------ DATA PROVIDED

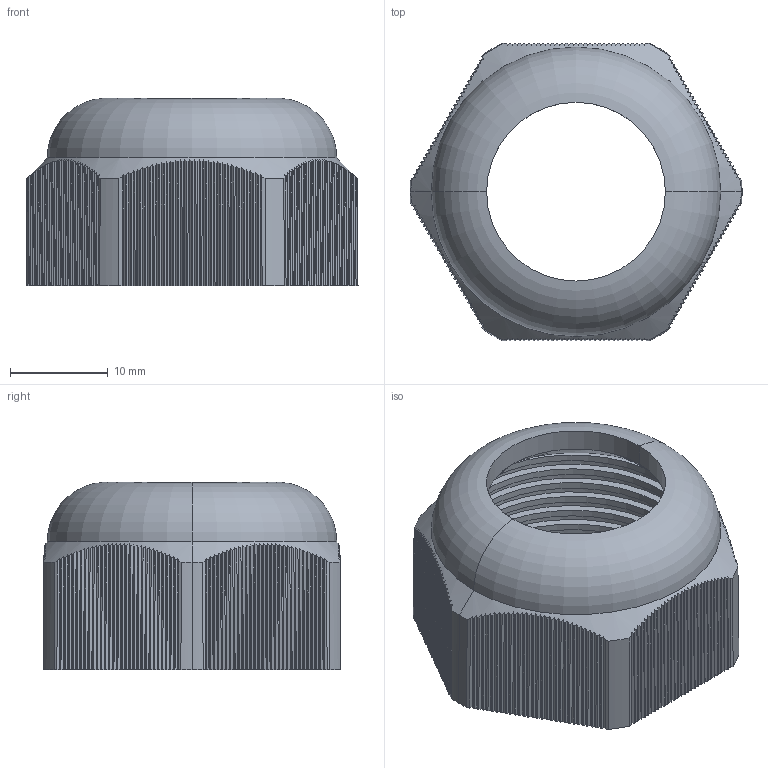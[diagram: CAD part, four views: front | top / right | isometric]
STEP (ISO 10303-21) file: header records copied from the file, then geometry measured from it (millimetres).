
FILE_DESCRIPTION (( 'STEP AP203' ), '1' );
FILE_NAME ('plc-pg-21-00.00.002 Ãàéêà öàíãîâàÿ (PG21) #collet nut (PG21)#.STEP', '2021-06-02T07:13:29', ( '' ), ( '' ), 'SwSTEP 2.0', 'SolidWorks 2021', '' );
FILE_SCHEMA (( 'CONFIG_CONTROL_DESIGN' ));
Length unit declared in the file: millimetre
Products named in the file (1): plc-pg-21-00.00.002 Ãàéêà öàíãîâàÿ (PG21) #collet nut (PG21)#
Bounding box: 33.93 x 30.45 x 19.14 mm (x, y, z)
Volume: 4395.2 mm3; surface area: 5226.2 mm2
Topology: 1 solids, 1 shells, 613 faces, 1817 edges, 1207 vertices
Faces by surface type: plane 556, cone 34, torus 11, cylinder 6, bspline 6
Entity records: 26047 total; most frequent: CARTESIAN_POINT 10802, ORIENTED_EDGE 3634, DIRECTION 2447, EDGE_CURVE 1817, VERTEX_POINT 1207, VECTOR 1121, LINE 1121, AXIS2_PLACEMENT_3D 663
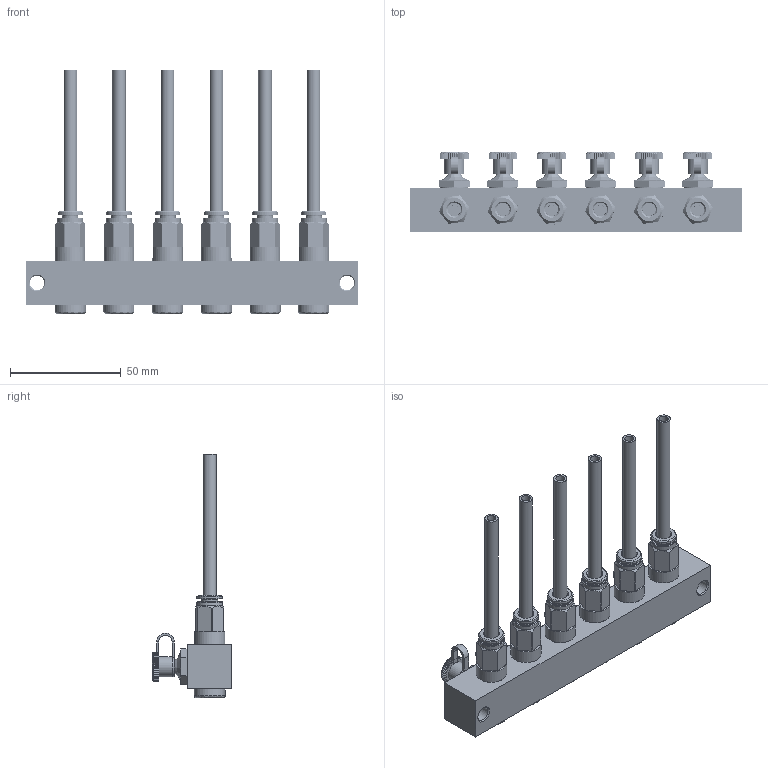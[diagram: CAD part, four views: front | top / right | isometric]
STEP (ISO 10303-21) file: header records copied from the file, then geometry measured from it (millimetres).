
FILE_DESCRIPTION (( 'STEP AP214' ), '1' );
FILE_NAME ('1460_0106_HD.STEP', '2026-01-26T13:40:00', ( '' ), ( '' ), 'SwSTEP 2.0', 'SolidWorks 2022', '' );
FILE_SCHEMA (( 'AUTOMOTIVE_DESIGN' ));
Length unit declared in the file: millimetre
Products named in the file (14): RIVOLUZIONE_0_2; Lasche_Staubkappe; Schmiernippel_Staubkappe; OR 7.66X1.78_1; Staubkappe_Fettnippel; DR6-C_HDX_25.07.16_1; Staubkappe; 1460_01_06_ASL-06; H200139_HDS01_6_M10X1_08.05.17; 1460_steckverscgraubung_Rohr 6x1; POLY_6_4_Bogen_2; schmiernippel_M10_1; 1460_0106_HD; 749-M10X1-A
Assembly tree (28 placements, depth 4):
  1460_0106_HD
    1460_01_06_ASL-06
    Schmiernippel_Staubkappe  x6
      schmiernippel_M10_1
      Staubkappe_Fettnippel
        Lasche_Staubkappe
        Staubkappe
    749-M10X1-A  x6
    1460_steckverscgraubung_Rohr 6x1  x6
      POLY_6_4_Bogen_2
      H200139_HDS01_6_M10X1_08.05.17
        OR 7.66X1.78_1
        DR6-C_HDX_25.07.16_1
        RIVOLUZIONE_0_2
Bounding box: 150 x 36 x 110.1 mm (x, y, z)
Volume: 78184.4 mm3; surface area: 68353.7 mm2
Topology: 43 solids, 55 shells, 1670 faces, 4432 edges, 2932 vertices
Faces by surface type: plane 1038, bspline 256, cylinder 240, cone 136
Full cylindrical faces by diameter (mm): 1.5 x6, 4 x6, 4.2 x6, 5 x6, 6 x12, 6.2 x6, 6.3 x6, 6.495 x6, 6.5 x2, 7.2 x6, 8.4 x6, 8.5 x6, 9 x6, 9.9 x6, 10 x24, 10.3 x6, 11.5 x6, 11.7 x6, 11.9 x6, 13.7 x6, 14 x6
Entity records: 75656 total; most frequent: CARTESIAN_POINT 64287, ORIENTED_EDGE 2593, DIRECTION 1361, EDGE_CURVE 1298, VERTEX_POINT 896, EDGE_LOOP 598, FACE_OUTER_BOUND 520, AXIS2_PLACEMENT_3D 497

------------

* TASK ITEM *
Write every record out again exactly; no pictures belong in the copy.

* SOLUTION TO THIS PROBLEM *
[diagram: CAD part, four views: front | top / right | isometric]
STEP (ISO 10303-21) file: header records copied from the file, then geometry measured from it (millimetres).
FILE_DESCRIPTION (( 'STEP AP203' ), '1' );
FILE_NAME ('plc-pg-21-00.00.002 Ãàéêà öàíãîâàÿ (PG21) #collet nut (PG21)#.STEP', '2021-06-02T07:13:29', ( '' ), ( '' ), 'SwSTEP 2.0', 'SolidWorks 2021', '' );
FILE_SCHEMA (( 'CONFIG_CONTROL_DESIGN' ));
Length unit declared in the file: millimetre
Products named in the file (1): plc-pg-21-00.00.002 Ãàéêà öàíãîâàÿ (PG21) #collet nut (PG21)#
Bounding box: 33.93 x 30.45 x 19.14 mm (x, y, z)
Volume: 4395.2 mm3; surface area: 5226.2 mm2
Topology: 1 solids, 1 shells, 613 faces, 1817 edges, 1207 vertices
Faces by surface type: plane 556, cone 34, torus 11, cylinder 6, bspline 6
Entity records: 26047 total; most frequent: CARTESIAN_POINT 10802, ORIENTED_EDGE 3634, DIRECTION 2447, EDGE_CURVE 1817, VERTEX_POINT 1207, VECTOR 1121, LINE 1121, AXIS2_PLACEMENT_3D 663
[diagram: CAD part, four views: front | top / right | isometric]
STEP (ISO 10303-21) file: header records copied from the file, then geometry measured from it (millimetres).
FILE_DESCRIPTION (( 'STEP AP214' ), '1' );
FILE_NAME ('1460_0106_HD.STEP', '2026-01-26T13:40:00', ( '' ), ( '' ), 'SwSTEP 2.0', 'SolidWorks 2022', '' );
FILE_SCHEMA (( 'AUTOMOTIVE_DESIGN' ));
Length unit declared in the file: millimetre
Products named in the file (14): RIVOLUZIONE_0_2; Lasche_Staubkappe; Schmiernippel_Staubkappe; OR 7.66X1.78_1; Staubkappe_Fettnippel; DR6-C_HDX_25.07.16_1; Staubkappe; 1460_01_06_ASL-06; H200139_HDS01_6_M10X1_08.05.17; 1460_steckverscgraubung_Rohr 6x1; POLY_6_4_Bogen_2; schmiernippel_M10_1; 1460_0106_HD; 749-M10X1-A
Assembly tree (28 placements, depth 4):
  1460_0106_HD
    1460_01_06_ASL-06
    Schmiernippel_Staubkappe  x6
      schmiernippel_M10_1
      Staubkappe_Fettnippel
        Lasche_Staubkappe
        Staubkappe
    749-M10X1-A  x6
    1460_steckverscgraubung_Rohr 6x1  x6
      POLY_6_4_Bogen_2
      H200139_HDS01_6_M10X1_08.05.17
        OR 7.66X1.78_1
        DR6-C_HDX_25.07.16_1
        RIVOLUZIONE_0_2
Bounding box: 150 x 36 x 110.1 mm (x, y, z)
Volume: 78184.4 mm3; surface area: 68353.7 mm2
Topology: 43 solids, 55 shells, 1670 faces, 4432 edges, 2932 vertices
Faces by surface type: plane 1038, bspline 256, cylinder 240, cone 136
Full cylindrical faces by diameter (mm): 1.5 x6, 4 x6, 4.2 x6, 5 x6, 6 x12, 6.2 x6, 6.3 x6, 6.495 x6, 6.5 x2, 7.2 x6, 8.4 x6, 8.5 x6, 9 x6, 9.9 x6, 10 x24, 10.3 x6, 11.5 x6, 11.7 x6, 11.9 x6, 13.7 x6, 14 x6
Entity records: 75656 total; most frequent: CARTESIAN_POINT 64287, ORIENTED_EDGE 2593, DIRECTION 1361, EDGE_CURVE 1298, VERTEX_POINT 896, EDGE_LOOP 598, FACE_OUTER_BOUND 520, AXIS2_PLACEMENT_3D 497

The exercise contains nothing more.